The brown-banded antpitta is 13 to 18 cm long and weighs about 50 to 55 g. The sexes have the same plumage. Adults have whitish lores with black speckles. Their ear coverts are ochraceous brown. Their crown, nape, back, and uppertail coverts are deep rich raw umber and their rump slightly paler. Their tail can be more rufescent or slightly more greenish than their back. Their wings are generally similar to their tail with dusky brown primaries and raw umber coverts. Their throat is grayish white with tawny olive sides. They have a wide tawny olive breast band, sides and flanks tending to olivaceous, a creamy white central belly, and mixed gray and olivaceous undertail coverts. Subspecies G. m. gilesi is larger than the nominate but otherwise essentially the same. Both subspecies have a dark brown iris, a black bill with a paler tip, and slate gray to blackish legs and feet.

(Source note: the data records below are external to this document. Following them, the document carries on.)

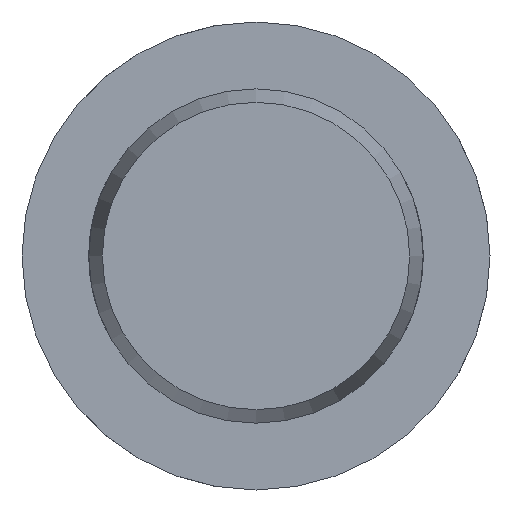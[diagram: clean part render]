
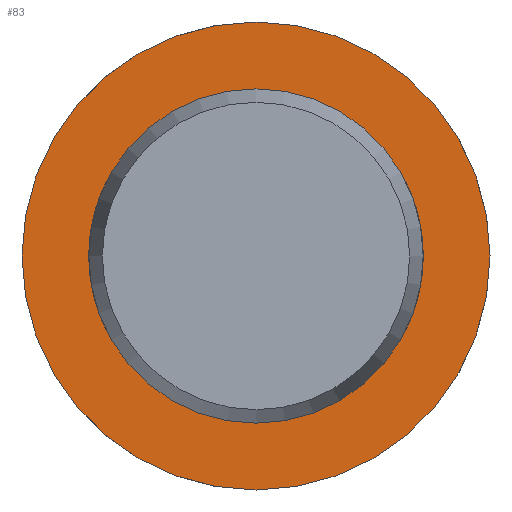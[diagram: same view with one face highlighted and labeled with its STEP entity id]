
A CAD part, left-side view. The second image highlights one B-rep face of the part: STEP entity #83.
In plain terms, the highlighted planar face has unit normal (-1, 0, 0).
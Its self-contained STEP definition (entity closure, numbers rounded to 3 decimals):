
#83 = ADVANCED_FACE( '', ( #129, #130 ), #131, .F. );
#129 = FACE_OUTER_BOUND( '', #208, .T. );
#130 = FACE_BOUND( '', #209, .T. );
#131 = PLANE( '', #210 );
#208 = EDGE_LOOP( '', ( #325 ) );
#209 = EDGE_LOOP( '', ( #326 ) );
#210 = AXIS2_PLACEMENT_3D( '', #327, #328, #329 );
#325 = ORIENTED_EDGE( '', *, *, #493, .F. );
#326 = ORIENTED_EDGE( '', *, *, #483, .T. );
#327 = CARTESIAN_POINT( '', ( 160.5, 10., 0. ) );
#328 = DIRECTION( '', ( 1., 0., 0. ) );
#329 = DIRECTION( '', ( 0., 0., -1. ) );
#483 = EDGE_CURVE( '', #554, #554, #555, .T. );
#493 = EDGE_CURVE( '', #572, #572, #573, .T. );
#554 = VERTEX_POINT( '', #759 );
#555 = CIRCLE( '', #760, 10. );
#572 = VERTEX_POINT( '', #942 );
#573 = CIRCLE( '', #943, 14. );
#759 = CARTESIAN_POINT( '', ( 160.5, 0., -10. ) );
#760 = AXIS2_PLACEMENT_3D( '', #1006, #1007, #1008 );
#942 = CARTESIAN_POINT( '', ( 160.5, 0., -14. ) );
#943 = AXIS2_PLACEMENT_3D( '', #1027, #1028, #1029 );
#1006 = CARTESIAN_POINT( '', ( 160.5, 0., 0. ) );
#1007 = DIRECTION( '', ( 1., 0., 0. ) );
#1008 = DIRECTION( '', ( 0., 0., -1. ) );
#1027 = CARTESIAN_POINT( '', ( 160.5, 0., 0. ) );
#1028 = DIRECTION( '', ( 1., 0., 0. ) );
#1029 = DIRECTION( '', ( 0., 0., -1. ) );
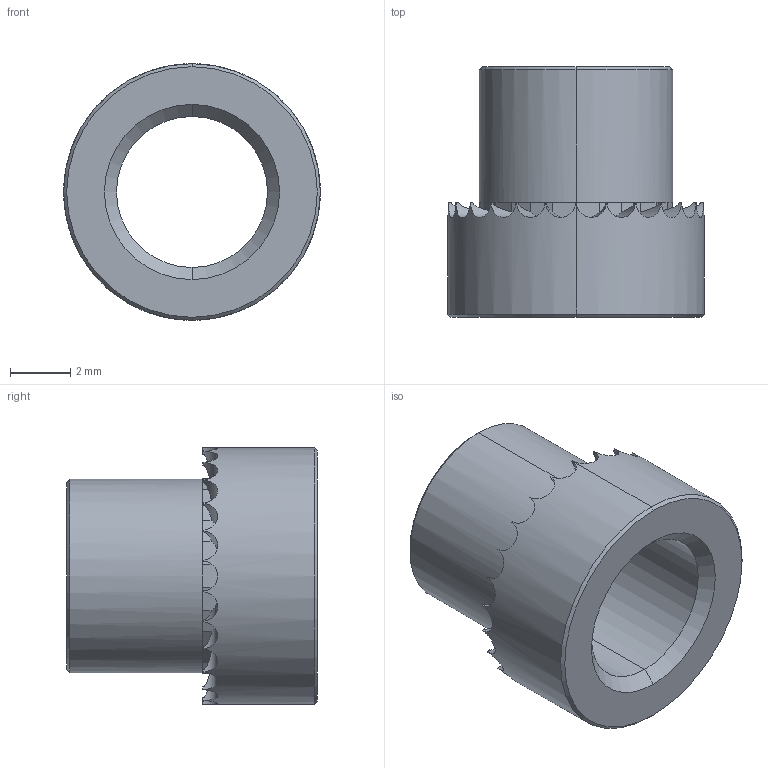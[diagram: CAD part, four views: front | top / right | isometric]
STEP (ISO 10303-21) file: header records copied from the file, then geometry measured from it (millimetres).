
FILE_DESCRIPTION (( 'STEP AP203' ), '1' );
FILE_NAME ('P0829.050-08G-ZP.step', '2019-03-21T22:18:03', ( '' ), ( '' ), 'SwSTEP 2.0', 'SolidWorks 2017', '' );
FILE_SCHEMA (( 'CONFIG_CONTROL_DESIGN' ));
Length unit declared in the file: millimetre
Products named in the file (1): P0829.050-08G-ZP
Bounding box: 8.5 x 8.3 x 8.5 mm (x, y, z)
Volume: 184.4 mm3; surface area: 392.7 mm2
Topology: 1 solids, 1 shells, 120 faces, 294 edges, 176 vertices
Faces by surface type: plane 80, cylinder 32, cone 8
Entity records: 3739 total; most frequent: CARTESIAN_POINT 903, ORIENTED_EDGE 588, DIRECTION 582, EDGE_CURVE 294, AXIS2_PLACEMENT_3D 219, VERTEX_POINT 176, LINE 144, VECTOR 144
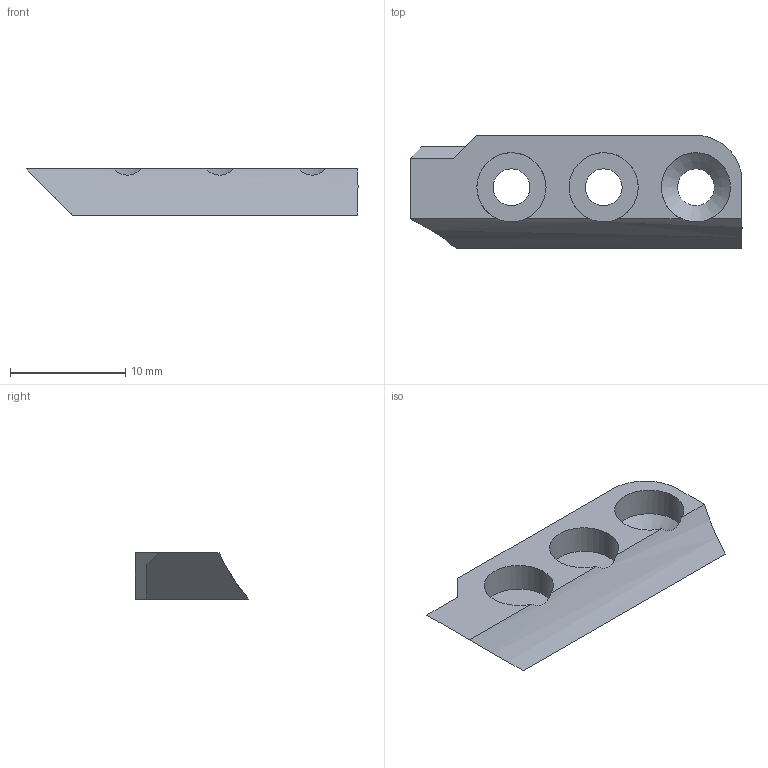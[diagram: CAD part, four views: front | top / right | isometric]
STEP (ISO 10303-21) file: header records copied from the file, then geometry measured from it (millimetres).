
FILE_DESCRIPTION(/* description */ (''),/* implementation_level */ '2;1');
FILE_NAME(/* name */ '3-16-2 Bottom wishbone right cap.step',/* time_stamp */ '2025-05-10T22:04:44+02:00',/* author */ (''),/* organization */ (''),/* preprocessor_version */ 'ST-DEVELOPER v20.1',/* originating_system */ 'Autodesk Translation Framework v14.4.0.0',/* authorisation */ '');
FILE_SCHEMA (('AUTOMOTIVE_DESIGN { 1 0 10303 214 3 1 1 }'));
Length unit declared in the file: millimetre
Products named in the file (1): 3-16-2 Bottom wishbone right cap
Bounding box: 28.8 x 9.82 x 4 mm (x, y, z)
Volume: 586.5 mm3; surface area: 857.7 mm2
Topology: 1 solids, 1 shells, 19 faces, 54 edges, 34 vertices
Faces by surface type: plane 8, cylinder 8, cone 3
Full cylindrical faces by diameter (mm): 3.2 x3, 6 x3
Entity records: 692 total; most frequent: CARTESIAN_POINT 135, DIRECTION 110, ORIENTED_EDGE 108, EDGE_CURVE 54, AXIS2_PLACEMENT_3D 39, VERTEX_POINT 34, LINE 32, VECTOR 32
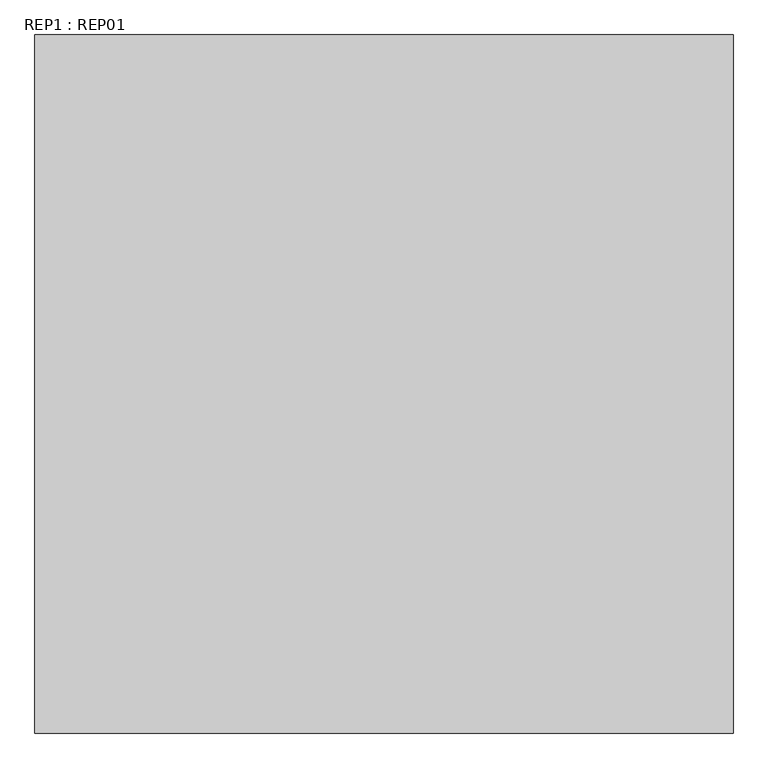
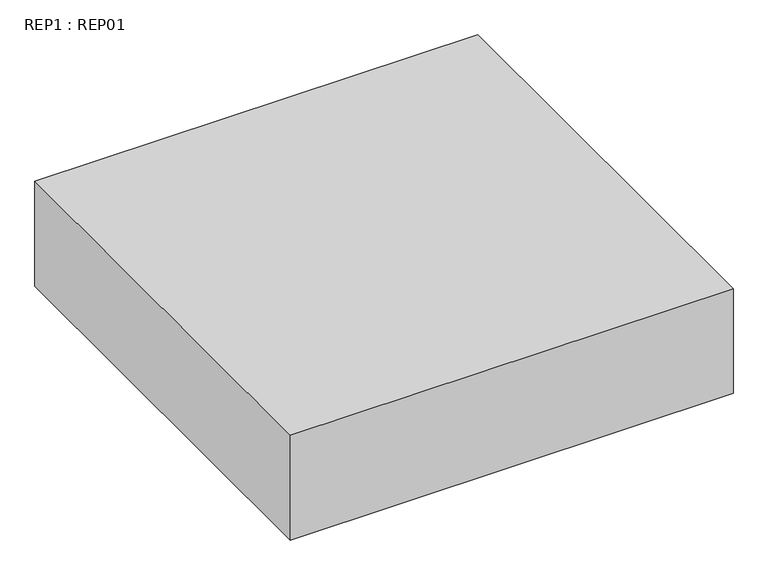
"""IFC4 building model written with IfcOpenShell, lengths in millimetres: proxy geometry, REP1 : REP01."""

from ifc_helpers import new_model, si_unit, origin, origin_with_axes, place, context, project, spatial, polyline, outline, extrude, source, transform, mapped, element, save


def rep1_rep01_36ff25d1(model_context):
    return source(origin(), model_context, "Body", "SweptSolid", [
        extrude(outline(polyline([(-9839.3863773, 5732.0711788), (-9839.3863773, 4732.0711788), (-10839.3863773, 4732.0711788), (-10839.3863773, 5732.0711788), (-9839.3863773, 5732.0711788)])), origin_with_axes(), (0.0, 0.0, 1.0), 250.0),
    ])


if __name__ == "__main__":
    model = new_model("IFC4")
    model_context = context("Model", 3, world=origin())
    ifc_project = project(units=[si_unit("LENGTHUNIT", "METRE", prefix="MILLI")], contexts=[model_context])
    site = spatial("IfcSite", under=ifc_project)
    building = spatial("IfcBuilding", under=site)
    placement = place(None, origin())
    rep1_rep01_shape = rep1_rep01_36ff25d1(model_context)
    element("IfcBuildingElementProxy", 1, Name="REP1 : REP01", ObjectType="REP1 : REP01", at=placement, inside=building, context=model_context, shape_type="MappedRepresentation", body=[
        mapped(rep1_rep01_shape, transform((0.0, 0.0, 0.0), x_axis=(1.0, 0.0, 0.0), y_axis=(0.0, 1.0, 0.0), z_axis=(0.0, 0.0, 1.0))),
    ])
    save(model, "model.ifc")
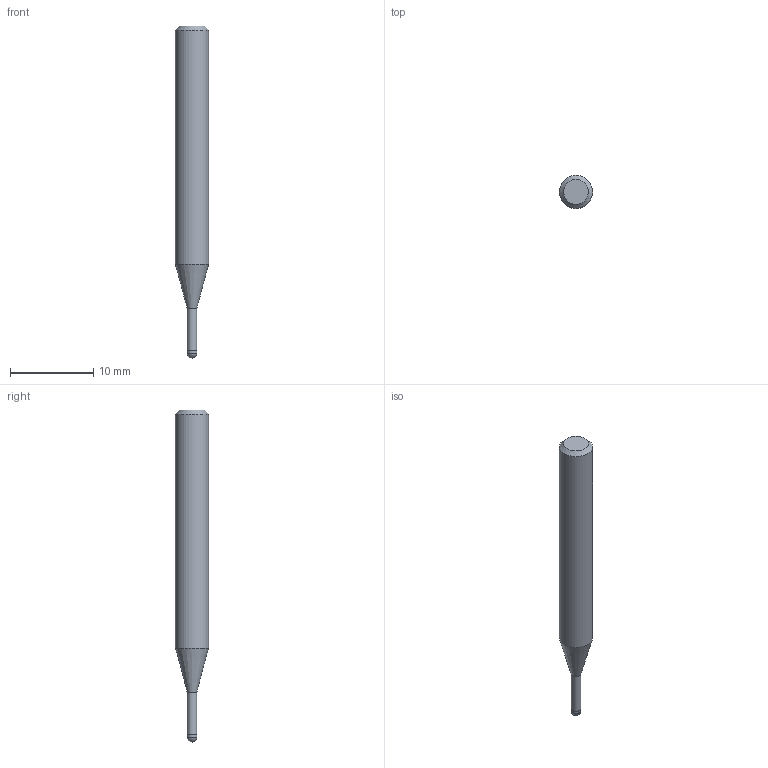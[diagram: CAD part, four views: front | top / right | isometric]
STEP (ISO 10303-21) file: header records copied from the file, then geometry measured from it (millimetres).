
FILE_DESCRIPTION((''),'2;1');
FILE_NAME('C:\Users\nsx150\AppData\Local\Temp\Mastercam 2021\QT8KEW0Y7J\TEMP.step','2021-04-23T11:21:14',(''),(''),'STEP Write','Mastercam 2021 ... CNC Software, Inc.','');
FILE_SCHEMA(('AUTOMOTIVE_DESIGN'));
Length unit declared in the file: millimetre
Products named in the file (1): None
Bounding box: 4 x 4 x 40 mm (x, y, z)
Volume: 395.6 mm3; surface area: 437.5 mm2
Topology: 2 solids, 2 shells, 9 faces, 14 edges, 8 vertices
Faces by surface type: plane 3, cylinder 3, cone 2, sphere 1
Full cylindrical faces by diameter (mm): 1.15 x1, 1.2 x1, 4 x1
Entity records: 211 total; most frequent: DIRECTION 36, CARTESIAN_POINT 25, AXIS2_PLACEMENT_3D 18, ORIENTED_EDGE 14, EDGE_LOOP 14, STYLED_ITEM 12, ADVANCED_FACE 9, FACE_BOUND 8

==Distribution and habitat==

The nominate subspecies of the brown-banded antpitta is found in the Central Andes of Colombia. It is known from Caldas Department to Quindío Department on the western slope and in Tolima Department on the eastern slope. The specimen of subspecies G. m. gilesi was collected in Antioquia Department but there are no additional records from there. The species inhabits the temperate zone in areas that are regrowing with Chusquea bamboo or alder trees (Alnus acuminata) following natural disturbance like a landslide. In elevation it mostly ranges between 2700 and 3200 m but there are records as low as 1800 m.

==Behavior==
===Movement===

The brown-banded antpitta is believed to be a year-round resident throughout its range.

===Feeding===

The brown-banded antpitta is one of several antpittas that regularly come to feeding stations set up to view them. There they are fed earthworms and beetle larvae, which are thought to also be a part of their natural diet. Its diet otherwise is not well documented but it is assumed to feed on a variety of insects and other invertebrates. It forages on or near the ground, running and hopping between stops to pick prey from vegetation or the ground. It occasionally joins mixed-species feeding flocks and also occasionally attends army ant swarms.

===Breeding===

Nothing is known about the brown-banded antpitta's breeding biology.

===Vocalization===

The brown-banded antpitta's song is a "single upslurred uuueee"; it also makes a "3-note tu, tu-tu". Its call is a "single loud shrill note KEEEE" given in a series. The species sings at any time of the year, mostly during the morning, and typically from a low perch in dense undergrowth.

==Status==

The IUCN originally in 1988 assessed the brown-banded antpitta as Threatened, then in 1994 as Endangered, and since 2012 as Vulnerable. It has a small range and its estimated population of between 10,000 and 20,000 mature individuals is believed to be decreasing. "Most forest below 3,300 m in the Central Andes has long been converted to agricultural land-use. In the Toche valley, this has primarily taken place since the 1950s, mostly for coffee plantations, potatoes, beans and cattle-grazing." It occurs in several protected areas. "Given that this species appears tolerant, to some degree, of human alteration of its habitat, it may not be under extreme threat except in areas of complete forest clearing."